▶ **HOW TO COMPLETE THIS TASK**:
Somewhere below are a line with "import ezdxf" and a later line with "doc.linetypes.add('Hidden Line', pattern=[30, 20, -10])". Output exactly those lines and all lines between them.

▶ **TASK INPUTS**:
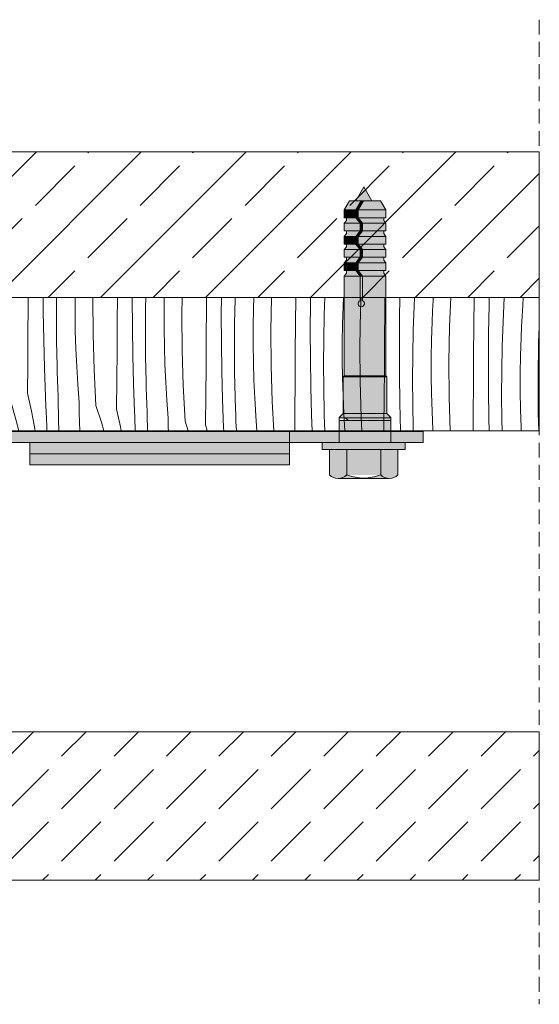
# Model space of a CAD drawing. Header units: millimetres. Extents: x -7814 to 55813, y 465 to 25965.
# Tile 84 of 112: x 48270 to 48970, y 15808 to 17135. Entities that reach past the tile are written whole.
import ezdxf

# ---------------------------------------------------------------- set-up
doc = ezdxf.new("R2010")
doc.units = ezdxf.units.MM
doc.linetypes.add('Hidden Line', pattern=[30, 20, -10])
for name, color, linetype, lineweight in [('2D - Ogolne2', 251, 'Continuous', 15), ('2D Drafting - General102', 254, 'Continuous', 13), ('2D Drafting - General121', 255, 'Continuous', 0), ('2D Drafting - General2', 251, 'Continuous', 15), ('2D Drafting - General81', 251, 'Continuous', 20)]:
    doc.layers.add(name, color=color, linetype=linetype, lineweight=lineweight)

# ---------------------------------------------------------------- blocks, each defined once
blk = doc.blocks.new('*X4')
at = {"layer": '2D Drafting - General81', "linetype": 'Continuous'}
for p, q in [((-50717.5, 68991.8), (-50717.6, 68995.7)), ((-50689.2, 68981.3), (-50690.3, 68995.7)), ((-50666.4, 68977.2), (-50667.3, 68995.7)), ((-50638.6, 68972.3), (-50638.4, 68995.7)), ((-50614.4, 68968.1), (-50615.4, 68995.7)), ((-50598.3, 68992.8), (-50598.4, 68995.7)), ((-50570.9, 68984.2), (-50571.6, 68995.7)), ((-50546.3, 68956.1), (-50548.4, 68995.7)), ((-50518.2, 68990.5), (-50518.2, 68995.7)), ((-50495.7, 68985), (-50496, 68995.7)), ((-50478.7, 68988.3), (-50478.9, 68995.7)), ((-50452.3, 68987.1), (-50452.7, 68995.7)), ((-50428.8, 68982.6), (-50429.2, 68995.7)), ((-50398.2, 68969.3), (-50398, 68995.7)), ((-50375.7, 68963.9), (-50376.5, 68995.7)), ((-50358.7, 68967.1), (-50359.2, 68995.7)), ((-50333.3, 68990.1), (-50333.5, 68995.7)), ((-50308.7, 68961.5), (-50309.7, 68995.7)), ((-50277.8, 68987.5), (-50277.8, 68995.7)), ((-50256.6, 68980.8), (-50256.8, 68995.7)), ((-50239.3, 68979), (-50239.4, 68995.7)), ((-50214, 68993), (-50214, 68995.7)), ((-50190.1, 68988.1), (-50190.1, 68995.7)), ((-50157.8, 68966.3), (-50157.6, 68995.7)), ((-50136.5, 68959.7), (-50137, 68995.7)), ((-50119.4, 68990.8), (-50119.4, 68995.7)), ((-50093.9, 68971.9), (-50094.3, 68995.7)), ((-50070, 68966.9), (-50070.2, 68995.7)), ((-50037.4, 68984.5), (-50037.3, 68995.7)), ((-50017, 68976.7), (-50017.1, 68995.7)), ((-49999.4, 68969.7), (-49999.2, 68995.7)), ((-49974.2, 68974.8), (-49974.2, 68995.7)), ((-49950.2, 68993.6), (-49950.2, 68995.7)), ((-49917.3, 68963.3), (-49917.1, 68995.7)), ((-49897.1, 68993.6), (-49897.1, 68995.7)), ((-49879.1, 68981.5), (-49878.8, 68995.7)), ((-49854.1, 68977.8), (-49853.9, 68995.7)), ((-49830.2, 68972.4), (-49829.8, 68995.7)), ((-49797, 68981.5), (-49796.9, 68995.7)), ((-49777, 68972.5), (-49776.9, 68995.7)), ((-49758.4, 68993.4), (-49758.3, 68995.7)), ((-49733.7, 68980.8), (-49733.3, 68995.7)), ((-49710.1, 68951.2), (-49709.3, 68995.7)), ((-49676.9, 68960.3), (-49676.6, 68995.7)), ((-49656.7, 68989.5), (-49656.6, 68995.7)), ((-49638.3, 68972.2), (-49637.5, 68995.7)), ((-49612.9, 68983.7), (-49612.4, 68995.7)), ((-49589.2, 68977.9), (-49588.5, 68995.7)), ((-49556.5, 68978.5), (-49556.4, 68995.7)), ((-49536.7, 68968.3), (-49536.2, 68995.7)), ((-49517.1, 68984.1), (-49516.6, 68995.7)), ((-49491.5, 68991.6), (-49491.2, 68995.7)), ((-49469.1, 68956.7), (-49467.5, 68995.7)), ((-49436.5, 68957.3), (-49436.1, 68995.7)), ((-49416, 68985.3), (-49415.7, 68995.7)), ((-49397, 68962.9), (-49395.5, 68995.7)), ((-49370.5, 68984.9), (-49369.8, 68995.7)), ((-50717.2, 68986.2), (-50717.5, 68991.8)), ((-50716.9, 68957.6), (-50717.2, 68986.2)), ((-50598.1, 68987.2), (-50598.3, 68992.8)), ((-50597.9, 68981.7), (-50598.1, 68987.2)), ((-50597.6, 68976.1), (-50597.9, 68981.7)), ((-50569.1, 68960.1), (-50570.9, 68984.2)), ((-50518.5, 68951.2), (-50518.2, 68990.5)), ((-50494.3, 68946.9), (-50495.7, 68985)), ((-50478.6, 68982.7), (-50478.7, 68988.3)), ((-50478.4, 68977.2), (-50478.6, 68982.7)), ((-50450.9, 68963), (-50452.3, 68987.1)), ((-50426.2, 68934.9), (-50428.8, 68982.6)), ((-50332.2, 68965.9), (-50333.3, 68990.1)), ((-50278.1, 68948.2), (-50277.8, 68987.5)), ((-50213.3, 68968.9), (-50214, 68993)), ((-50188.6, 68940.3), (-50190.1, 68988.1)), ((-50119.2, 68957.8), (-50119.4, 68990.8)), ((-50037.7, 68945.2), (-50037.4, 68984.5)), ((-49949.9, 68945.8), (-49950.2, 68993.6)), ((-49896.9, 68955.5), (-49897.1, 68993.6)), ((-49879.3, 68948.5), (-49879.1, 68981.5)), ((-49797.3, 68942.2), (-49797, 68981.5)), ((-49759, 68960.4), (-49758.4, 68993.4)), ((-49657, 68951.3), (-49656.7, 68989.5)), ((-49613.6, 68959.6), (-49612.9, 68983.7)), ((-49518.2, 68951.1), (-49517.1, 68984.1)), ((-49492.2, 68977.1), (-49491.5, 68991.6)), ((-49416.6, 68947.1), (-49416, 68985.3)), ((-49371.4, 68970.4), (-49370.5, 68984.9)), ((-50688.9, 68967.9), (-50689.2, 68981.3)), ((-50666.4, 68977.2), (-50659.1, 68954.9)), ((-50638.6, 68972.3), (-50635.8, 68960.4)), ((-50597.4, 68970.6), (-50597.6, 68976.1)), ((-50597.2, 68965), (-50597.4, 68970.6)), ((-50478.2, 68971.6), (-50478.4, 68977.2)), ((-50478, 68966.1), (-50478.2, 68971.6)), ((-50398.4, 68930), (-50398.2, 68969.3)), ((-50255.6, 68942.7), (-50256.6, 68980.8)), ((-50238.6, 68945.9), (-50239.3, 68979)), ((-50212.2, 68944.8), (-50213.3, 68968.9)), ((-50093.2, 68947.7), (-50093.9, 68971.9)), ((-50016.4, 68938.5), (-50017, 68976.7)), ((-49999.1, 68936.6), (-49999.4, 68969.7)), ((-49973.9, 68950.7), (-49974.2, 68974.8)), ((-49854.1, 68953.7), (-49854.1, 68977.8)), ((-49829.9, 68924.6), (-49830.2, 68972.4)), ((-49776.9, 68934.3), (-49777, 68972.5)), ((-49734.1, 68956.6), (-49733.7, 68980.8)), ((-49638.9, 68939.2), (-49638.3, 68972.2)), ((-49590, 68930.1), (-49589.2, 68977.9)), ((-49556.8, 68939.2), (-49556.5, 68978.5)), ((-49536.9, 68930.1), (-49536.7, 68968.3)), ((-49492.8, 68962.6), (-49492.2, 68977.1)), ((-49372.2, 68955.9), (-49371.4, 68970.4)), ((-50716.2, 68929.1), (-50716.9, 68957.6)), ((-50688.6, 68954.6), (-50688.9, 68967.9)), ((-50659.1, 68954.9), (-50652.9, 68932.2)), ((-50635.8, 68960.4), (-50633.3, 68948.4)), ((-50614.2, 68963.4), (-50614.4, 68968.1)), ((-50614, 68958.7), (-50614.2, 68963.4)), ((-50613.8, 68954.1), (-50614, 68958.7)), ((-50596.8, 68936.5), (-50597.2, 68965)), ((-50568.9, 68946.8), (-50569.1, 68960.1)), ((-50546.3, 68956.1), (-50539.1, 68933.7)), ((-50477.8, 68960.5), (-50478, 68966.1)), ((-50477.6, 68955), (-50477.8, 68960.5)), ((-50477.3, 68949.4), (-50477.6, 68955)), ((-50449.1, 68938.9), (-50450.9, 68963)), ((-50374.3, 68925.7), (-50375.7, 68963.9)), ((-50358.5, 68961.5), (-50358.7, 68967.1)), ((-50358.3, 68956), (-50358.5, 68961.5)), ((-50358.1, 68950.4), (-50358.3, 68956)), ((-50330.8, 68941.8), (-50332.2, 68965.9)), ((-50306.2, 68913.7), (-50308.7, 68961.5)), ((-50158, 68927), (-50157.8, 68966.3)), ((-50135.5, 68921.5), (-50136.5, 68959.7)), ((-50118.5, 68924.7), (-50119.2, 68957.8)), ((-50068.6, 68919.1), (-50070, 68966.9)), ((-49917.6, 68924), (-49917.3, 68963.3)), ((-49896.4, 68917.3), (-49896.9, 68955.5)), ((-49759.2, 68927.3), (-49759, 68960.4)), ((-49734.1, 68932.5), (-49734.1, 68956.6)), ((-49677.2, 68921), (-49676.9, 68960.3)), ((-49614, 68935.5), (-49613.6, 68959.6)), ((-49493.6, 68938.4), (-49492.8, 68962.6)), ((-49470, 68908.9), (-49469.1, 68956.7)), ((-49436.8, 68918), (-49436.5, 68957.3)), ((-49398.1, 68929.9), (-49397, 68962.9)), ((-49372.8, 68941.4), (-49372.2, 68955.9)), ((-49349.1, 68935.5), (-49348.2, 68956.1)), ((-50688.1, 68941.3), (-50688.6, 68954.6)), ((-50633.3, 68948.4), (-50631, 68936.3)), ((-50613.6, 68949.4), (-50613.8, 68954.1)), ((-50613.4, 68944.7), (-50613.6, 68949.4)), ((-50613.1, 68940), (-50613.4, 68944.7)), ((-50568.5, 68933.5), (-50568.9, 68946.8)), ((-50518.5, 68951.2), (-50515.8, 68939.2)), ((-50494.2, 68942.2), (-50494.3, 68946.9)), ((-50493.9, 68937.6), (-50494.2, 68942.2)), ((-50477.1, 68943.9), (-50477.3, 68949.4)), ((-50476.7, 68915.3), (-50477.1, 68943.9)), ((-50357.9, 68944.9), (-50358.1, 68950.4)), ((-50357.7, 68939.3), (-50357.9, 68944.9)), ((-50329, 68917.8), (-50330.8, 68941.8)), ((-50278.4, 68908.8), (-50278.1, 68948.2)), ((-50254.2, 68904.6), (-50255.6, 68942.7)), ((-50238.4, 68940.4), (-50238.6, 68945.9)), ((-50210.7, 68920.7), (-50212.2, 68944.8)), ((-50092.1, 68923.6), (-50093.2, 68947.7)), ((-50038, 68905.8), (-50037.7, 68945.2)), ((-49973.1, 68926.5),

▶ **ANSWER SPACE**:
import ezdxf

# ---------------------------------------------------------------- set-up
doc = ezdxf.new("R2010")
doc.units = ezdxf.units.MM
doc.linetypes.add('Hidden Line', pattern=[30, 20, -10])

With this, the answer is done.